The first is Lady, covered in lice, pregnant and very wormy. The second picture was taken this summer.












The second horse is Little Man the day we brought him home and the second picture was last month.


----------



## babygoose (Nov 8, 2008)

This is Harry that I adopted from a rescue about a year and 1/2 ago. I am working on training him to drive and he is doing well. He has just started ground driving.

Before











After











And here is a link to the rescue that I got him from. He was rescued with Flicka and Pretty Girl, two full sized young horses that were near death from starvation. Flicka had to be loaded on the trailer on a piece of plywood. Harry wasn't near as skinny, but was on the road there had they not been rescued.

http://www.acheonline.org/

Here is Flicka's story. The mini "Midget Man" in her story is Harry.

http://acheonline.org/index.php?option=com...1&Itemid=31

And Pretty Girl

http://acheonline.org/index.php?option=com...58&catid=22


----------



## Brandi* (Nov 8, 2008)

OMG



I just went to the rescue site you posted and read the story of the poor pit bull in the suitcase! That has GOT to be the worst I have ever heard



:CryBaby I am overwhelmed with tears. I can't even read anymore of the stories because I got too upset by that one. I thought I had heard and seen some bad ones before but that is by far the worst :arg! To think what that POOR little soul went through just makes me so sick





Anyways, I am sorry I got off topic. Your horses look great and it is uplifting to know that there ARE happy endings out there.


----------



## Connie P (Nov 8, 2008)

I'm with you Brandi - My gosh - these types of stories just shake me to my core. The tears just flow for these poor souls that get stuck in these horrible situations. So very sad.

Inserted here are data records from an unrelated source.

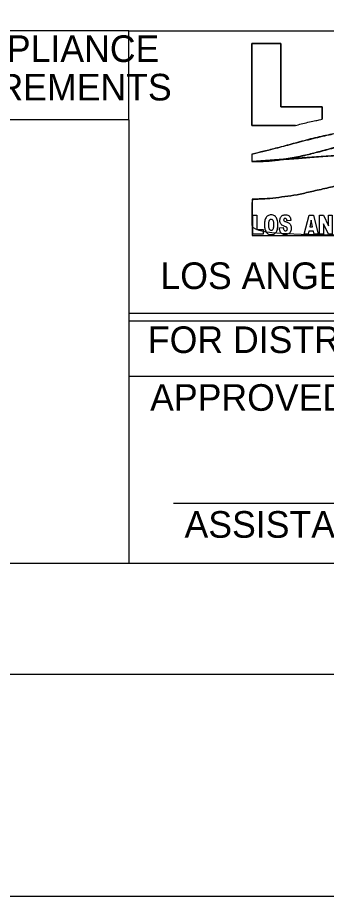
# Model space of a CAD drawing. Extents: x 837 to 1117, y 1316 to 1424.
# Drawn here: x 866.755 to 868.145, y 1398.24 to 1402.2 of the extents above; entities that cross this region are included whole.
import ezdxf

# ---------------------------------------------------------------- set-up
doc = ezdxf.new("R2010")
doc.units = 0
for name, color, linetype in [('0 (Construction)', 7, 'Continuous'), ('BASEMAP', 7, 'Continuous'), ('LLINES', 7, 'Continuous')]:
    doc.layers.add(name, color=color, linetype=linetype)

# ---------------------------------------------------------------- blocks, each defined once
blk = doc.blocks.new('_U1')
for p, q in [((-1.4473, 0.5842), (-1.6244, 0.5842)), ((-1.6244, 0.5842), (-1.6244, 0.0828)), ((-1.4473, 0.1969), (-1.4473, 0.5842)), ((-1.1937, 0.1969), (-1.4473, 0.1969)), ((-1.1937, 0.121), (-1.1937, 0.1969)), ((-1.6244, 0.0828), (-1.3574, 0.0828)), ((-1.6228, -0.0919), (-1.6228, -0.1365)), ((-1.6228, -0.0919), (-1.6228, -0.1365))]:
    blk.add_line(p, q)
blk.add_lwpolyline([(-1.3574, 0.0828), (-1.6244, 0.0828), (-1.6244, 0.5842), (-1.4473, 0.5842), (-1.4473, 0.1969), (-1.1937, 0.1969), (-1.1937, 0.121)])
for points in [[(-1.3574, 0.0828), (-1.3469, 0.0858), (-1.3224, 0.0927), (-1.281, 0.1027), (-1.24, 0.1114), (-1.2103, 0.1177), (-1.1971, 0.1204), (-1.1937, 0.121)], [(-1.3574, 0.0828), (-1.3469, 0.0858), (-1.3224, 0.0927), (-1.281, 0.1027), (-1.24, 0.1114), (-1.2103, 0.1177), (-1.1971, 0.1204), (-1.1937, 0.121)], [(0.862, 0.0351), (0.8144, 0.0286), (0.7268, 0.0166), (0.5878, 0.0117), (0.4579, 0.0164), (0.3153, 0.0281), (0.181, 0.0458), (0.0233, 0.0686), (-0.1285, 0.0898), (-0.3136, 0.1007), (-0.4878, 0.1049), (-0.6455, 0.0979), (-0.7628, 0.0899), (-0.868, 0.0773), (-0.9701, 0.0628), (-1.064, 0.0445), (-1.1579, 0.0251), (-1.2638, 0.0013), (-1.3727, -0.0283), (-1.4702, -0.0549), (-1.5507, -0.0749), (-1.6006, -0.0866), (-1.6228, -0.0919)], [(-1.6228, -0.0919), (-1.5561, -0.0761), (-1.4734, -0.0554), (-1.3817, -0.0308), (-1.2628, 0.0006), (-1.1454, 0.0275), (-1.0649, 0.0442), (-0.9814, 0.06), (-0.8629, 0.0775), (-0.7589, 0.0894), (-0.6661, 0.0962), (-0.5111, 0.1024), (-0.2859, 0.0985), (-0.1443, 0.0891), (0.0432, 0.0657), (0.1706, 0.0476), (0.3298, 0.0278), (0.4464, 0.0181), (0.5981, 0.0133), (0.7189, 0.0181), (0.862, 0.0351), (-1.6228, -0.0919), (0.862, 0.0351)], [(-1.6228, -0.1365), (-1.599, -0.1369), (-1.555, -0.1377), (-1.4818, -0.1315), (-1.3989, -0.1209), (-1.3107, -0.1036), (-1.2241, -0.0808), (-1.1248, -0.0549), (-1.0062, -0.0178), (-0.8775, 0.0183), (-0.754, 0.0461), (-0.6492, 0.0637), (-0.5652, 0.0707), (-0.5035, 0.0751), (-0.4404, 0.0651), (-0.3485, 0.0503), (-0.224, 0.0304), (-0.1005, 0.0101), (0.0189, -0.0072), (0.1408, -0.0203), (0.2859, -0.0336), (0.4577, -0.0356), (0.6419, -0.0205), (0.7839, 0.0038), (0.8533, 0.0316), (0.862, 0.0351)], [(0.862, 0.0351), (0.8359, 0.0249), (0.6443, -0.0172), (0.4416, -0.0333), (0.286, -0.0316), (0.1309, -0.019), (0.0059, -0.0049), (-0.0795, 0.0072), (-0.2275, 0.0308), (-0.3651, 0.053), (-0.4528, 0.067), (-0.5039, 0.0732), (-0.5544, 0.0714), (-0.6368, 0.0638), (-0.7552, 0.0447), (-0.8679, 0.0195), (-1.007, -0.0188), (-1.1422, -0.0589), (-1.2268, -0.0815), (-1.3034, -0.1009), (-1.4037, -0.1206), (-1.4909, -0.1319), (-1.5515, -0.1365), (-1.6228, -0.1365), (0.862, 0.0351), (-1.6228, -0.1365)]]:
    blk.add_open_spline(points, degree=3)
at = {"layer": 'LLINES'}
for p, q in [((-1.6222, -0.3677), (-1.6222, -0.5907)), ((-1.5043, -0.4637), (-1.5043, -0.4637)), ((-1.5053, -0.4912), (-1.5055, -0.4911)), ((-1.3852, -0.4987), (-1.4084, -0.5004)), ((-1.6222, -0.5907), (1.6237, -0.5907)), ((-1.455, -0.5441), (-1.4317, -0.5419))]:
    blk.add_line(p, q, dxfattribs=at)
for points in [[(-1.618, -0.5829), (-1.618, -0.4662), (-1.5939, -0.4662), (-1.5939, -0.4668), (-1.5939, -0.5537), (-1.5541, -0.5537), (-1.5541, -0.5829), (-1.618, -0.5829)], [(-1.2427, -0.583), (-1.2467, -0.5634), (-1.2747, -0.5634), (-1.279, -0.5827), (-1.304, -0.5828), (-1.2739, -0.466), (-1.2739, -0.4656), (-1.2739, -0.466), (-1.2472, -0.466), (-1.2171, -0.583), (-1.2427, -0.583)], [(-1.1555, -0.583), (-1.1856, -0.5188), (-1.1856, -0.5828), (-1.209, -0.5828), (-1.209, -0.4658), (-1.209, -0.4658), (-1.209, -0.4658), (-1.1861, -0.4656), (-1.1559, -0.5302), (-1.1559, -0.466), (-1.1327, -0.466), (-1.1327, -0.583), (-1.1555, -0.583)]]:
    blk.add_lwpolyline(points, dxfattribs=at)
blk.add_lwpolyline([(-1.2695, -0.5381), (-1.2519, -0.5381), (-1.2609, -0.4966)], close=True, dxfattribs=at)
for points in [[(1.6237, -0.1737), (1.5983, -0.1738), (1.5491, -0.1739), (1.4571, -0.1888), (1.3294, -0.2187), (1.1518, -0.2794), (0.9561, -0.3425), (0.7506, -0.3705), (0.5779, -0.3926), (0.4178, -0.4012), (0.2906, -0.4008), (0.1563, -0.396), (0.0001, -0.3778), (-0.1826, -0.346), (-0.3534, -0.3102), (-0.4923, -0.2765), (-0.6042, -0.249), (-0.6984, -0.2398), (-0.7699, -0.2373), (-0.8303, -0.2385), (-0.9006, -0.2439), (-0.9843, -0.2576), (-1.0837, -0.2798), (-1.1773, -0.3031), (-1.27, -0.3237), (-1.3481, -0.3418), (-1.4221, -0.3516), (-1.497, -0.3622), (-1.5633, -0.3666), (-1.6073, -0.3674), (-1.6222, -0.3677), (-1.6222, -0.442), (-1.6222, -0.5164), (-1.6222, -0.5907), (-0.5402, -0.5907), (0.5418, -0.5907), (1.6237, -0.5907), (1.6237, -0.4517), (1.6237, -0.3127), (1.6237, -0.1737)], [(1.6237, -0.1737), (1.5983, -0.1738), (1.5491, -0.1739), (1.4571, -0.1888), (1.3294, -0.2187), (1.1518, -0.2794), (0.9561, -0.3425), (0.7506, -0.3705), (0.5779, -0.3926), (0.4178, -0.4012), (0.2906, -0.4008), (0.1563, -0.396), (0.0001, -0.3778), (-0.1826, -0.346), (-0.3534, -0.3102), (-0.4923, -0.2765), (-0.6042, -0.249), (-0.6984, -0.2398), (-0.7699, -0.2373), (-0.8303, -0.2385), (-0.9006, -0.2439), (-0.9843, -0.2576), (-1.0837, -0.2798), (-1.1773, -0.3031), (-1.27, -0.3237), (-1.3481, -0.3418), (-1.4221, -0.3516), (-1.497, -0.3622), (-1.5633, -0.3666), (-1.6073, -0.3674), (-1.6222, -0.3677)], [(-1.5043, -0.4637), (-1.5015, -0.464), (-1.4941, -0.4646), (-1.484, -0.469), (-1.4758, -0.4774), (-1.4698, -0.4875), (-1.4658, -0.5005), (-1.4638, -0.5164), (-1.4639, -0.5321), (-1.4656, -0.5462), (-1.4686, -0.5578), (-1.4735, -0.568), (-1.4806, -0.5765), (-1.4894, -0.5824), (-1.4989, -0.5848), (-1.5082, -0.5847), (-1.5173, -0.5835), (-1.5255, -0.5798), (-1.5332, -0.5735), (-1.5388, -0.5644), (-1.544, -0.5524), (-1.5462, -0.5397), (-1.5469, -0.5282), (-1.5468, -0.5189), (-1.5459, -0.508), (-1.5439, -0.4964), (-1.5394, -0.4848), (-1.5338, -0.4761), (-1.5265, -0.4695), (-1.5166, -0.4644), (-1.5089, -0.4639), (-1.5043, -0.4637)], [(-1.4317, -0.5419), (-1.4316, -0.5434), (-1.431, -0.5479), (-1.4292, -0.5544), (-1.4246, -0.5601), (-1.4185, -0.5625), (-1.412, -0.5611), (-1.4074, -0.5563), (-1.4061, -0.5499), (-1.4074, -0.5429), (-1.4131, -0.5377), (-1.4214, -0.5353), (-1.4306, -0.5318), (-1.4398, -0.5269), (-1.4469, -0.5192), (-1.451, -0.5099), (-1.4525, -0.4993), (-1.4516, -0.4897), (-1.4488, -0.4807), (-1.4444, -0.4736), (-1.4384, -0.468), (-1.4309, -0.465), (-1.4227, -0.464), (-1.4134, -0.4636), (-1.4043, -0.4656), (-1.3957, -0.4703), (-1.3895, -0.4782), (-1.3862, -0.4882), (-1.3855, -0.4952), (-1.3852, -0.4987)], [(-1.5055, -0.4911), (-1.507, -0.4912), (-1.5101, -0.4914), (-1.5139, -0.4942), (-1.5175, -0.498), (-1.5196, -0.5033), (-1.5212, -0.5096), (-1.5219, -0.5167), (-1.522, -0.5238), (-1.5221, -0.5304), (-1.5214, -0.5365), (-1.5205, -0.5427), (-1.5186, -0.5489), (-1.5151, -0.554), (-1.5103, -0.5573), (-1.5053, -0.5579), (-1.5, -0.5573), (-1.4947, -0.5534), (-1.4911, -0.5467), (-1.4893, -0.538), (-1.4888, -0.5286), (-1.4886, -0.5186), (-1.4894, -0.5093), (-1.4915, -0.5015), (-1.4951, -0.4955), (-1.4999, -0.4918), (-1.5037, -0.4913), (-1.5053, -0.4912)], [(-1.4084, -0.5004), (-1.4087, -0.4985), (-1.4092, -0.4945), (-1.4114, -0.4893), (-1.4159, -0.4864), (-1.4207, -0.4853), (-1.4255, -0.4864), (-1.4286, -0.49), (-1.4298, -0.4948), (-1.4279, -0.5001), (-1.4217, -0.5039), (-1.4132, -0.5059), (-1.4038, -0.5098), (-1.395, -0.5144), (-1.3884, -0.5215), (-1.3842, -0.5302), (-1.3821, -0.5398), (-1.3824, -0.551), (-1.3848, -0.5619), (-1.3897, -0.5716), (-1.3963, -0.5787), (-1.4046, -0.5833), (-1.4138, -0.5849), (-1.4226, -0.5849), (-1.4309, -0.5835), (-1.4384, -0.5807), (-1.4451, -0.5756), (-1.4499, -0.5677), (-1.453, -0.5584), (-1.4548, -0.5504), (-1.4549, -0.5456), (-1.455, -0.5441)]]:
    blk.add_open_spline(points, degree=3, dxfattribs=at)

msp = doc.modelspace()

# ---------------------------------------------------------------- linework, layer by layer
at = {"layer": '0 (Construction)'}
msp.add_lwpolyline([(841.77, 1422.24), (877.77, 1422.24), (877.77, 1398.24), (841.77, 1398.24)], close=True, dxfattribs=at)
at = {"layer": 'BASEMAP'}
for p, q in [((870.7551, 1400.8665), (867.2551, 1400.8665)), ((870.7551, 1400.8323), (867.2551, 1400.8323)), ((870.7551, 1400.5823), (867.2551, 1400.5823)), ((869.4565, 1400.0104), (867.4565, 1400.0104)), ((876.52, 1399.74), (843.52, 1399.74)), ((877.02, 1399.24), (843.02, 1399.24))]:
    msp.add_line(p, q, dxfattribs=at)
for points in [[(867.2552, 1402.14), (865.2552, 1402.14)], [(867.2552, 1402.14), (876.52, 1402.14)], [(867.2552, 1401.74), (867.2552, 1402.14)], [(867.2552, 1401.74), (865.2552, 1401.74)], [(867.2552, 1401.74), (867.2552, 1399.74)]]:
    msp.add_lwpolyline(points, dxfattribs=at)

# ---------------------------------------------------------------- block references
at = {"xscale": 0.7363891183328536, "yscale": 0.7363891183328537}
msp.add_blockref('_U1', (869.0051, 1401.653), dxfattribs=at)

# ---------------------------------------------------------------- texts
at = {"layer": 'BASEMAP'}
for s, p in [('REVIEWED FOR COMPLIANCE', (865.048, 1402.0002)), ('WITH DISTRICT REQUIREMENTS', (864.9168, 1401.8269))]:
    msp.add_text(s, height=0.12, dxfattribs=at).set_placement(p)
at = {"layer": 'LLINES'}
for s, p in [('LOS ANGELES COUNTY PUBLIC WORKS', (867.3978, 1400.9771)), ('FOR DISTRICT USE ONLY', (867.3413, 1400.6888)), ('APPROVED BY:', (867.3514, 1400.4284)), ('ASSISTANT DEPUTY DIRECTOR', (867.5063, 1399.8563))]:
    msp.add_text(s, height=0.12, dxfattribs=at).set_placement(p)

doc.saveas('drawing.dxf')

The other rescues posted here are looking just fabulous guys - keep up the good work and bless each and every one of you that help rescue.


----------



## AppyLover2 (Nov 9, 2008)

Mary and Babygoose they all look wonderful!!! Thank you, Thank you for taking such great care of them.


----------



## SaddleTrail (Nov 9, 2008)

The rescue haven is a wonderful place from what I can see. I went to the website after reading these posts and tomorrow I am going to see about one of the minis they have available. I honestly didn't know about this place but since it is only 20 minutes away you can bet I will be going there alot to either help out or adopt.


----------



## SaddleTrail (Nov 9, 2008)

SaddleTrail said:


> The rescue haven is a wonderful place from what I can see. I went to the website after reading these posts and tomorrow I am going to see about one of the minis they have available. I honestly didn't know about this place but since it is only 20 minutes away you can bet I will be going there alot to either help out or adopt.


Forgive me, I was talking about a horse rescue I just found out about here in town called. SafeHaven for horses.


----------



## HobbsFarm (Nov 20, 2008)

WOW! This difference of these 'before and after' horses is amazing! Thank you for sharing!!!

Shannon


----------